═════ Data extract ═════

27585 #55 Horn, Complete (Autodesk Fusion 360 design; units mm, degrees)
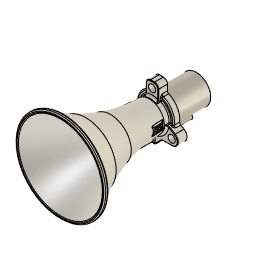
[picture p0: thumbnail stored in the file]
parameter "Bolt_Hole_Tolerance" = 1.5875 (= "( 1 / 16 ) * 1 in")
parameter "Dowel_Hole_Tolerance" = 0.0248 (= "( 1 / 1024 ) * 1 in")
parameter "d277" = 55
parameter "d278" = 1.7223
parameter "d279" = 63
parameter "d280" = 1.5875 (= "( 1 / 16 ) * 1 in")
parameter "d281" = 0.5095
parameter "d282" = 0.5095 (= "d281")
parameter "d283" = 0.5095 (= "d281")
parameter "d284" = 0.5095 (= "d281")
parameter "d285" = 1.5875 (= "( 1 / 16 ) * 1 in")
parameter "d287" = 0.4159
parameter "d288" = 9.219
parameter "d289" = 0.6307
parameter "d290" = 0.4047
parameter "d291" = 0.4047 (= "d290")
parameter "d292" = 0.4571
parameter "d293" = 0.4571 (= "d292")
parameter "d294" = 1.5875 (= "( 1 / 16 ) * 1 in")
parameter "d295" = 1.5875 (= "( 1 / 16 ) * 1 in")
parameter "d296" = 1.5875 (= "( 1 / 16 ) * 1 in")
parameter "d297" = 1.5875 (= "d296")
parameter "d298" = 0.3969 (= "( 1 / 64 ) * 1 in")
parameter "d299" = 0.3969 (= "( 1 / 64 ) * 1 in")
parameter "d300" = 0.3969 (= "( 1 / 64 ) * 1 in")
parameter "d301" = 0.3969 (= "d300")
parameter "d302" = 0.4047 (= "d290")
parameter "d303" = 0.4047 (= "d302")
parameter "d304" = 0.7839 (= "d305")
parameter "d305" = 0.7839
parameter "d306" = 0.7839 (= "d305")
parameter "d307" = 0.3969 (= "( 1 / 64 ) * 1 in")
parameter "d308" = 0.3969 (= "d307")
parameter "d309" = 1.5875 (= "( 1 / 16 ) * 1 in")
parameter "d310" = 0.7937 (= "( 1 / 32 ) * 1 in")
parameter "d311" = 0.3969 (= "( 1 / 64 ) * 1 in")
parameter "d312" = 0.3969 (= "( 1 / 64 ) * 1 in")
parameter "d313" = 1.5875 (= "( 1 / 16 ) * 1 in")
parameter "d314" = 0.3969 (= "( 1 / 64 ) * 1 in")
parameter "d317" = 0.3969 (= "( 1 / 64 ) * 1 in")
parameter "d318" = 109
parameter "d319" = 0.3969 (= "( 1 / 64 ) * 1 in")
parameter "d320" = 1.5875 (= "( 1 / 16 ) * 1 in")
parameter "d321" = 0.3969 (= "( 1 / 64 ) * 1 in")
parameter "d322" = 0.3969 (= "( 1 / 64 ) * 1 in")
parameter "d323" = 109
parameter "d324" = 0.7937 (= "( 1 / 32 ) * 1 in")
parameter "d326" = 0.3969 (= "( 1 / 64 ) * 1 in")
parameter "d327" = 0.3969 (= "( 1 / 64 ) * 1 in")
parameter "d328" = 1.5875 (= "( 1 / 16 ) * 1 in")
parameter "d329" = 1.7223 (= "d278")
parameter "d330" = 0.3969 (= "( 1 / 64 ) * 1 in")
parameter "d331" = 0.3969 (= "d330")
parameter "d332" = 1.3496
parameter "d333" = 0.3969 (= "d330")
parameter "d334" = 1.5875 (= "( 1 / 16 ) * 1 in")
parameter "d335" = 0.3969 (= "d330")
parameter "d342" = 1.5875 (= "( 1 / 16 ) * 1 in")
parameter "d336" = 0.3969 (= "( 1 / 64 ) * 1 in")
parameter "d337" = 0.3969 (= "d336")
parameter "d338" = 0.3969 (= "d337")
parameter "d340" = 0.3969 (= "( 1 / 64 ) * 1 in")
canvas "Canvas1"
sketch "Main Profile" plane through (0, 0, 0) normal (1, 0, 0) x axis (0, 1, 0)
  line L1 (0, -22.225) -> (0, 22.225)
  line L2 (-53.975, 22.225) -> (0, 22.225)
  line L3 (-53.975, 44.45) -> (-53.975, 22.225)
  line L4 (-210.3438, 0) -> (0, 0)
  line L5 (-68.2625, 44.45) -> (-53.975, 44.45)
  line L6 (-53.975, -22.225) -> (0, -22.225)
  line L7 (-53.975, 22.225) -> (-53.975, -22.225)
  line L8 (-53.975, -38.1) -> (-53.975, -22.225)
  line L9 (-68.2625, -38.1) -> (-53.975, -38.1)
  line L10 (-68.2625, 44.45) -> (-68.2625, -38.1)
  line L11 (-67.3186, 16.4106) -> (0, 11.1125)
  line L12 (-63.5, 28.575) -> (-53.975, 28.575)
  line L13 (-63.5, 19.2949) -> (-63.5, 28.575)
  line L14 (-67.0695, 19.5758) -> (-63.5, 19.2949)
  line L15 (-210.3438, -69.0563) -> (-210.3437, 69.0562)
  line L16 (-68.2625, 19.6697) -> (-68.2625, 44.45)
  line L17 (9.1828, 34.925) -> (-68.2625, 34.925)
  line L18 (-34.1313, 22.225) -> (-34.1313, -22.225)
  line L19 (-68.2625, -18.1085) -> (-68.2625, -38.1)
  line L20 (-205.5813, 69.0562) -> (-210.3437, 69.0562)
  line L21 (-205.5812, 65.9557) -> (-205.5813, 69.0562)
  line L22 (-141.1555, -34.925) -> (-68.2625, -34.925)
  line L23 (-67.3186, 0) -> (-67.3186, 16.4106)
  line L24 (-67.3186, -16.4106) -> (0, -11.1125)
  line L25 (-205.5812, -65.9557) -> (-205.5812, -69.0563)
  line L26 (-205.5812, -69.0563) -> (-210.3437, -69.0563)
  line L27 (-67.0695, -19.5758) -> (-63.5, -19.2949)
  line L28 (-63.5, 23.0187) -> (-68.2625, 23.0187)
  line L29 (-72.4156, 23.0187) -> (-68.2625, 23.0187)
  arc A1 centre (-43.4043, 320.271) radius 304.8 clockwise from (-67.3186, 16.4106) to (-210.3438, 65.2529)
  arc A2 centre (-43.4043, 320.271) radius 301.625 clockwise from (-67.0695, 19.5758) to (-210.3438, 69.0562)
  arc A3 centre (-43.4043, -320.271) radius 304.8 clockwise from (-210.3437, -65.2529) to (-67.3186, -16.4106)
  arc A4 centre (-43.4043, -320.271) radius 301.625 clockwise from (-210.3437, -69.0563) to (-67.0695, -19.5758)
  arc A5 centre (-72.4156, 226.2188) radius 203.2 clockwise from (-72.4156, 23.0187) to (-132.3099, 32.0464)
  point P4 (0, 0)
  point P1 (0, 0)
  point P7 (0, 0)
  point P13 (0, 11.1125)
  point P15 (-53.975, 28.575)
  point P21 (-210.3438, 0)
  point P8 (-210.3438, 0)
  point P22 (-68.2625, 19.6697)
  point P23 (-68.2625, 34.925)
  point P25 (-34.1313, -22.225)
  point P26 (-34.1313, 22.225)
  point P27 (-68.2625, -18.1085)
  point P30 (-68.2625, -34.925)
  point P32 (-68.2625, 23.0187)
  point P33 (-210.3438, 65.2529)
  point P37 (-67.3186, 0)
  point P35 (-210.3438, 69.0562)
  point P29 (-205.5812, 65.9557)
  point P19 (-210.3437, 69.0562)
  point P38 (0, -11.1125)
  point P14 (-67.3186, 16.4106)
  point P39 (-67.3186, -16.4106)
  point P17 (-63.5, 19.2949)
  point P48 (-63.5, -19.2949)
  point P18 (-67.0695, 19.5758)
  point P44 (-67.0695, -19.5758)
  point P47 (-210.3437, -69.0563)
  point P28 (-205.5813, 69.0562)
  point P45 (-205.5812, -69.0563)
  point P46 (-205.5812, -65.9557)
  point P41 (-210.3437, -65.2529)
  point P43 (-210.3437, -69.0563)
  point P31 (-141.1555, -34.925)
  point P49 (-63.5, 23.0187)
  point P51 (-132.3099, 32.0464)
  point P2 (0, 22.225)
  point P5 (-53.975, 22.225)
  point P3 (0, -22.225)
  point P6 (-53.975, 44.45)
  point P9 (-68.2625, 44.45)
  point P16 (-63.5, 28.575)
  point P20 (-210.3438, -69.0563)
  point P12 (-68.2625, -38.1)
  vertical L1
  coincident L1 P4
  coincident P1 P4
  midpoint P1 L1
  perpendicular L1 L2
  perpendicular L2 L3
  coincident P1 P7
  perpendicular L1 L4
  perpendicular L3 L5
  perpendicular L1 L6
  vertical L7
  perpendicular L6 L8
  perpendicular L8 L9
  vertical L10
  coincident L1 P13
  coincident L3 P15
  perpendicular L3 L12
  perpendicular L12 L13
  parallel L11 L14
  vertical L15
  midpoint L15 P21
  coincident P8 P21
  coincident L14 P22
  coincident L10 P22
  coincident L10 P23
  perpendicular L16 L17
  coincident L6 P25
  coincident L2 P26
  perpendicular L2 L18
  coincident L10 P27
  perpendicular L9 L19
  perpendicular L15 L20
  vertical L21
  coincident L10 P30
  perpendicular L19 L22
  coincident L10 P32
  coincident L15 P33
  tangent L11 A1
  tangent L14 A2
  concentric A1 A2
  coincident L4 P37
  perpendicular L4 L23
  coincident L15 P35
  coincident P29 A2
  coincident P19 P35
  symmetric L4 P13 P38
  symmetric L4 P14 P39
  symmetric L4 P17 P48
  symmetric L4 P18 P44
  symmetric L4 P19 P47
  symmetric L4 P28 P45
  symmetric L4 P29 P46
  symmetric L4 P33 P41
  symmetric L4 A1 A3
  symmetric L4 P35 P43
  symmetric L4 A2 A4
  coincident P31 A4
  coincident L13 P49
  perpendicular L13 L28
  perpendicular L10 L29
  coincident A2 P51
  tangent L29 A5
  tangent A2 A5
  dimension "d1" distance P2 P5 = 53.975 (= "2 1/8")
  dimension "d2" distance P2 P3 = 44.45 (= "1 3/4")
  dimension "d3" distance P6 L4 = 44.45 (= "1 3/4")
  dimension "d4" distance P6 P9 = 14.2875 (= "( 9 / 16 ) * 1 in")
  dimension "d5" distance L4 L9 = 38.1
  dimension "d6" distance P4 P13 = 11.1125 (= "( 7 / 16 ) * 1 in")
  dimension "d7" distance L11 L14 = 3.175 (= "( 1 / 8 ) * 1 in")
  dimension "d9" distance P15 P16 = 9.525 (= "( 3 / 8 ) * 1 in")
  dimension "d10" distance L4 L12 = 28.575
  dimension "d11" distance L4 L17 = 34.925 (= "1 3/8")
  dimension "d12" distance P19 P20 = 138.1125 (= "5 7/16")
  dimension "d17" distance L1 L18 = 34.1313 (= "1 11/32")
  dimension "d68" distance P19 P28 = 4.7625 (= "( 3 / 16 ) * 1 in")
  dimension "d157" distance L15 L18 = 176.2125 (= "6 15/16")
  dimension "d175" distance P12 P30 = 3.175 (= "( 1 / 8 ) * 1 in")
  dimension "d197" angle L4 L11 = 4.5
  dimension "d216" radius A1 = 304.8
  dimension "d217" distance L12 L28 = 5.5563
  dimension "d218" radius A5 = 203.2
revolve "Revolve1" sketch "Main Profile" AlongAngle 360
revolve "Revolve3" sketch "Main Profile" AlongAngle 360
fillet "Fillet16" radius 158.75
sketch "Flange Profile" plane through (0, -53.975, 0) normal (0, 1, 0) x axis (-1, 0, 0)
  line L1 (0, 34.925) -> (0, 0)
  line L2 (0, 44.45) -> (0, 34.925)
  line L3 (3.175, 44.45) -> (-3.175, 44.45)
  line L4 (9.525, 31.1085) -> (9.525, 38.1)
  line L5 (-30.2459, -17.4625) -> (0, 0)
  line L6 (30.2459, -17.4625) -> (0, 0)
  line L7 (30.2459, -26.9875) -> (15.0812, -26.9875)
  line L8 (29.9633, -6.3008) -> (35.0084, -9.2136)
  line L9 (0, -31.75) -> (0, 0)
  line L10 (0, -38.1) -> (0, -31.75)
  line L11 (3.9688, -38.1) -> (-3.9688, -38.1)
  line L12 (15.0812, -26.9875) -> (3.9688, -38.1)
  line L13 (-15.0812, -26.9875) -> (-3.9688, -38.1)
  line L14 (-30.2459, -26.9875) -> (-15.0812, -26.9875)
  line L15 (-29.9633, -6.3008) -> (-35.0084, -9.2136)
  line L16 (-9.525, 31.1085) -> (-9.525, 38.1)
  line L17 (9.525, 20.0805) -> (9.525, 31.1085)
  line L18 (-9.525, 20.0805) -> (-9.525, 31.1085)
  line L19 (22.1527, -1.7913) -> (29.9633, -6.3008)
  line L20 (-22.1527, -1.7913) -> (-29.9633, -6.3008)
  circle C1 centre (0, 0) radius 22.225
  circle C2 centre (0, 34.925) radius 5.5563
  arc A1 centre (3.175, 38.1) radius 6.35 clockwise from (3.175, 44.45) to (9.525, 38.1)
  arc A2 centre (15.875, 31.1085) radius 6.35 clockwise from (12.9886, 25.4524) to (9.525, 31.1085)
  arc A3 centre (0, 0) radius 28.575 clockwise from (12.9886, 25.4524) to (28.3957, -3.196)
  circle C3 centre (-30.2459, -17.4625) radius 5.5563
  circle C4 centre (30.2459, -17.4625) radius 5.5563
  arc A4 centre (30.2459, -17.4625) radius 9.525 clockwise from (35.0084, -9.2136) to (30.2459, -26.9875)
  arc A5 centre (31.5508, -3.5512) radius 3.175 clockwise from (29.9633, -6.3008) to (28.3957, -3.196)
  circle C5 centre (0, -31.75) radius 3.9688
  arc A6 centre (-30.2459, -17.4625) radius 9.525 clockwise from (-30.2459, -26.9875) to (-35.0084, -9.2136)
  arc A7 centre (-31.5508, -3.5512) radius 3.175 clockwise from (-28.3957, -3.196) to (-29.9633, -6.3008)
  arc A8 centre (0, 0) radius 28.575 clockwise from (-28.3957, -3.196) to (-12.9886, 25.4524)
  arc A9 centre (-15.875, 31.1085) radius 6.35 clockwise from (-9.525, 31.1085) to (-12.9886, 25.4524)
  arc A10 centre (-3.175, 38.1) radius 6.35 clockwise from (-9.525, 38.1) to (-3.175, 44.45)
  circle C6 centre (0, 0) radius 28.575
  point P1 (0, 0)
  point P3 (0, 0)
  point P4 (0, 34.925)
  point P5 (0, 34.925)
  point P6 (0, 34.925)
  point P10 (0, 44.45)
  point P7 (0, 44.45)
  point P30 (0, 0)
  point P31 (0, -31.75)
  point P32 (0, -31.75)
  point P33 (0, -31.75)
  point P37 (0, -38.1)
  point P34 (0, -38.1)
  point P9 (3.175, 44.45)
  point P52 (-3.175, 44.45)
  point P11 (9.525, 38.1)
  point P50 (-9.525, 38.1)
  point P13 (9.525, 31.1085)
  point P49 (-9.525, 31.1085)
  point P14 (12.9886, 25.4524)
  point P47 (-12.9886, 25.4524)
  point P16 (28.3957, -3.196)
  point P45 (-28.3957, -3.196)
  point P24 (15.0812, -26.9875)
  point P39 (-15.0812, -26.9875)
  point P25 (30.2459, -26.9875)
  point P40 (-30.2459, -26.9875)
  point P26 (35.0084, -9.2136)
  point P42 (-35.0084, -9.2136)
  point P28 (29.9633, -6.3008)
  point P43 (-29.9633, -6.3008)
  point P36 (3.9688, -38.1)
  point P38 (-3.9688, -38.1)
  point P53 (9.525, 20.0805)
  point P54 (-9.525, 20.0805)
  point P55 (22.1527, -1.7913)
  point P56 (-22.1527, -1.7913)
  point P35 (-3.9688, -38.1)
  point P19 (0, 0)
  coincident P1 P3
  vertical L1
  coincident P4 P5
  coincident P5 P6
  parallel L1 L2
  horizontal L3
  coincident L3 P10
  midpoint L3 P10
  coincident P7 P10
  tangent L3 A1
  vertical L4
  tangent A1 L4
  tangent L4 A2
  tangent A2 A3
  concentric C1 A3
  horizontal L7
  tangent L7 A4
  concentric C4 A4
  tangent A4 L8
  tangent L8 A5
  tangent A3 A5
  coincident P1 P30
  vertical L9
  coincident P31 P32
  coincident P32 P33
  parallel L9 L10
  horizontal L11
  midpoint L11 P37
  coincident P34 P37
  symmetric L1 P9 P52
  symmetric L1 P11 P50
  symmetric L1 A1 A10
  symmetric L1 P13 P49
  symmetric L1 P14 P47
  symmetric L1 A2 A9
  symmetric L1 P16 P45
  symmetric L1 A3 A8
  symmetric L1 P24 P39
  symmetric L1 P25 P40
  symmetric L1 P26 P42
  symmetric L1 A4 A6
  symmetric L1 P28 P43
  symmetric L1 A5 A7
  symmetric L1 P36 P38
  coincident C1 P53
  tangent A2 L17
  tangent A9 L18
  coincident C1 P54
  coincident C1 P55
  tangent A5 L19
  coincident C1 P56
  tangent A7 L20
  dimension "d95" distance P3 P4 = 34.925 (= "1 3/8")
  dimension "d96" diameter C2 = 11.1125 (= "( 3 / 8 ) * 1 in + Bolt_Hole_Tolerance")
  dimension "d97" radius A1 = 6.35 (= "( 1 / 4 ) * 1 in")
  dimension "d98" distance P1 L3 = 44.45 (= "1 3/4")
  dimension "d99" distance P5 L4 = 9.525 (= "( 3 / 8 ) * 1 in")
  dimension "d100" radius A2 = 6.35 (= "( 1 / 4 ) * 1 in")
  dimension "d101" radius A3 = 28.575 (= "1 1/8")
  dimension "d104" radius A4 = 9.525 (= "( 3 / 8 ) * 1 in")
  dimension "d105" angle L7 L8 = 30
  dimension "d106" radius A5 = 3.175 (= "( 1 / 8 ) * 1 in")
  dimension "d107" distance P30 P31 = 31.75 (= "1 1/4")
  dimension "d108" diameter C5 = 7.9375 (= "( 5 / 16 ) * 1 in")
  dimension "d109" distance P35 P36 = 7.9375 (= "( 5 / 16 ) * 1 in")
  dimension "d110" angle L7 L12 = 135
  dimension "d111" distance P19 L11 = 38.1 (= "1 1/2")
  dimension "d103" C-Pattern1-Angle = 360
extrude "Extrude2" add sketch "Flange Profile" profile of C1 C2 L3 A1 L4 C3 C4 L7 A4 L8 C5 L11 L12 L13 L14 A6 L15 L16 A10 L17 L18 L19 L20 against normal blind 14.2875 (magnitude of "( -9 / 16 ) * 1 in")
extrude "Extrude6" add sketch "Main Profile" profile of L19 L22 along normal blind 3.175 (= "( 1 / 8 ) * 1 in")
mirror "Mirror5" mirrorStitchTolerance 0.1016
delete_face "DeleteFace14"
delete_face "DeleteFace15"
extrude "Extrude4" cut sketch "Flange Profile" profile of C2 C3 C4 against normal blind 14.3002
extrude "Extrude5" cut sketch "Flange Profile" profile of C5 against normal blind 9.525 (magnitude of "( -3 / 8 ) * 1 in")
fillet "Fillet27" radius 3.175 (= "( 1 / 8 ) * 1 in")
fillet "Fillet28" radius 1.5875 (= "( 1 / 16 ) * 1 in")
fillet "Fillet29" radius 25.4
fillet "Fillet30" radius 1.5875 (= "( 1 / 16 ) * 1 in")
fillet "Fillet31" radius 0.7937 (= "( 1 / 32 ) * 1 in")
sketch "Main Profile" plane through (0, -63.5, 0) normal (0, 1, 0) x axis (-1, 0, 0)
  circle C1 centre (0, -31.75) radius 3.9687
  circle C2 centre (0, -31.75) radius 3.175
  concentric C1 C2
  dimension "d137" diameter C2 = 6.35 (= "( 1 / 4 ) * 1 in")
extrude "Extrude1" new body sketch "Main Profile" along normal blind 53.975 (= "2 1/8") bodies "27281 Orifice Pin #5"
offset_faces "OffsetFaces1"
work_plane "WorkPlane1" RotateAngle -180
sketch "Orifice & Number Profile" plane through (0, -43.2509, -35.7188) normal (0, 0, -1) x axis (1, 0, 0)
  line L1 (3.9688, -33.7259) -> (-3.9687, -33.7259)
  line L2 (3.9688, 20.2491) -> (-3.9687, 20.2491)
  line L3 (0, 20.2491) -> (0, -33.7259)
  line L4 (-22.225, -43.2509) -> (22.225, -43.2509)
  line L5 (1.5875, -9.1196) -> (1.5875, -33.7259)
  line L6 (0, -9.1196) -> (1.5875, -9.1196)
  circle C1 centre (0, -9.1196) radius 0.9922
  point P6 (0, -33.7259)
  point P7 (0, 20.2491)
  point P8 (0, -9.1196)
  point P11 (1.5875, -33.7259)
  point P13 (0, -9.1196)
  point P12 (1.5875, -9.1196)
  midpoint L1 P6
  midpoint L2 P7
  coincident L3 P8
  coincident L1 P11
  perpendicular L1 L5
  coincident L3 P13
  perpendicular L3 L6
  coincident P8 P13
  dimension "d143" diameter C1 = 1.9844 (= "( 5 / 64 ) * 1 in")
  dimension "d144" distance P8 L4 = 34.1313
  dimension "d145" distance P12 P13 = 1.5875 (= "( 1 / 16 ) * 1 in")
  dimension "d146" Text1-Height = 3.175 (= "( 1 / 8 ) * 1 in")
emboss "Emboss1" sketch "Orifice & Number Profile" Depth -0.1984 (= "( -1 / 128 ) * 1 in") Horizontal Distance 0 Vertical Distance 0 Rotation Angle 0
extrude "Extrude2" cut sketch "Orifice & Number Profile" profile of C1 against normal blind 3.175 (magnitude of "( -1 / 8 ) * 1 in")
fillet "Fillet32" radius 1.5875 (= "( 1 / 16 ) * 1 in")
canvas "Canvas11"
sketch "Branding Profile 1" plane through (0, 0, 0) normal (0, 0, 1) x axis (1, 0, 0)
  curve K1 (-4.4552, -72.4156) -> (-4.5472, -132.3099)
  line L1 (-32.0464, -132.3099) -> (32.0464, -132.3099)
  curve K2 (4.5472, -132.3099) -> (4.4552, -72.4156)
  line L2 (-23.0187, -72.4156) -> (23.0187, -72.4156)
  line L3 (-23.0187, -33.02) -> (-23.0187, -72.4156)
  line L4 (-27.5308, -114.0588) -> (-25.7561, -114.2595)
  line L5 (-23.2509, -76.2) -> (-27.5308, -114.0588)
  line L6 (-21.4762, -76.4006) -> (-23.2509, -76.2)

═════

◆ Work instruction
From the entries above, restate word for word the lines from the line containing "concentric C1 A3" to the line containing "midpoint L11 P37", both ends included, and nothing more.

◆ Task solution
  concentric C1 A3
  horizontal L7
  tangent L7 A4
  concentric C4 A4
  tangent A4 L8
  tangent L8 A5
  tangent A3 A5
  coincident P1 P30
  vertical L9
  coincident P31 P32
  coincident P32 P33
  parallel L9 L10
  horizontal L11
  midpoint L11 P37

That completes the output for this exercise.